It is a moral imperative to make sure that short-sighted class warfare does not cut off the nose to spite the face by destroying this work under the guise of egalitarianism, because we can not turn on a dime and immediately grant it to everyone on day one. Yes, the rich will get it first. We need to ensure that market mechanisms remain functional and that they end up subsidizing the research the rest of us need. If we build gates and walls, they'll just end up captured in a heartbeat. Don't let them be built.
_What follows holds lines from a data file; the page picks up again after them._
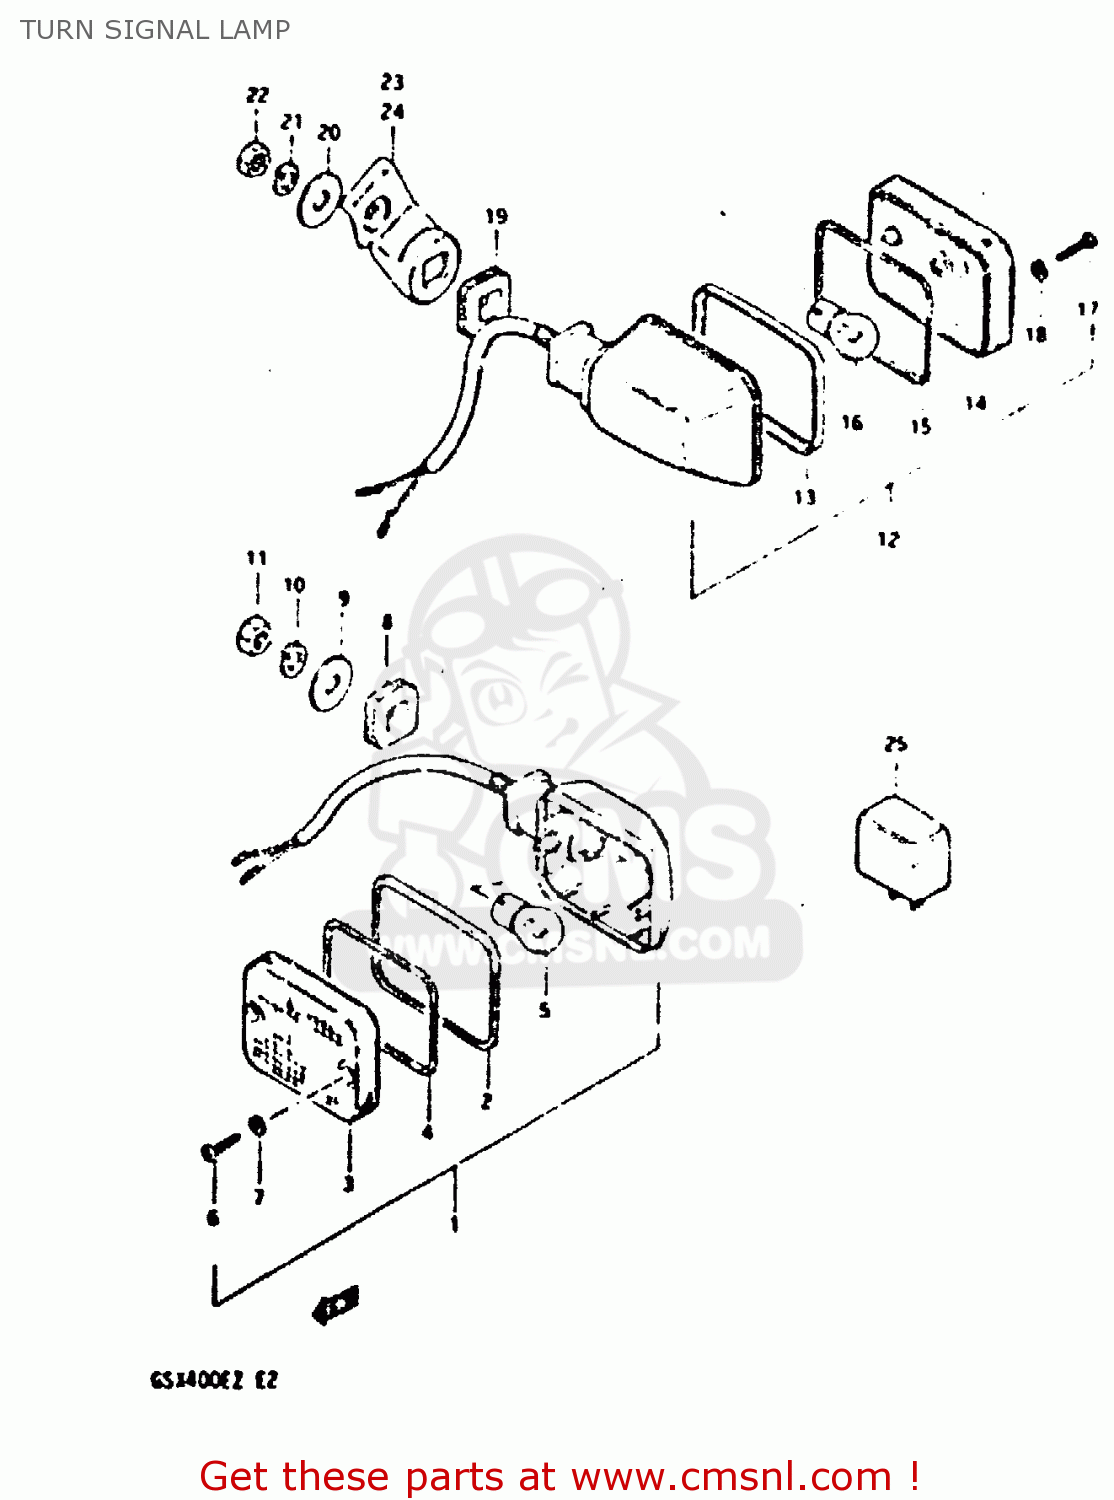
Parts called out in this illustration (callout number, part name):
1	LAMP ASSY,FR T
2	RIM
3	LENS
4	GASKET (NAS)
5	BULB(12V21W)
6	SCREW
7	GASKET (NAS)
8	CUSHION
9	WASHER (10.5X30X2.3)
10	LOCK WASHER
11	NUT
12	LAMP, REAR TURN SIGNAL
13	RIM
14	LENS
15	GASKET (NAS)
16	BULB(12V35/25W,STANLEY,A7025)
17	SCREW
18	GASKET (NAS)
19	CUSHION
20	WASHER (10.5X30X2.3)
21	LOCK WASHER
22	NUT
23	BRACKET,REAR TURN SIGNAL
24	BRACKET,REAR TURN SIGNAL
25	RELAY,TURN SIGNAL

(Once the market has chewed on it and made it as cheap as possible, consider subsidizing it or something, but for the love of Life itself, don't break the market and destroy the research before it even happens. Seemingly suboptimal situations may need to be relatively briefly tolerated to make sure this happens at all.)



I have no problem with free market capitalism, if it's fair. But some think that companies like Genetech exploit the rules around patents and intellectual property at the expense of people's lives and receive preferential status.

There's a difference between making your money back to cover the cost of research and development while making a profit, and plain old greed. A 20 year lifetime on a patent with a 3-7 year window of exclusivity means you might be dead before you can afford treatment. That's one of the ethical issues that we will hopefully address in a sane and logical way as we move forward. How much money should one be able to make if they are adding days to your life?

I do agree that this type of thing may be helpful to humanity. I just cast a skeptical eye knowing how the drug industry has worked in the past.


Bear in mind I consider everything you just said to themselves be failures to allow for a free market. Patents are government monopolies, not creations of a free market.

(To which the natural next slur is "Oh, you want no regulation then?" No, I strongly believe a free market requires some basic maintenance to harness properly, and I'm a particular fan of internalizing externalities via government action. However, virtually by definition, if patents are being "abused", that is not maintenance; that's sand in the gears.)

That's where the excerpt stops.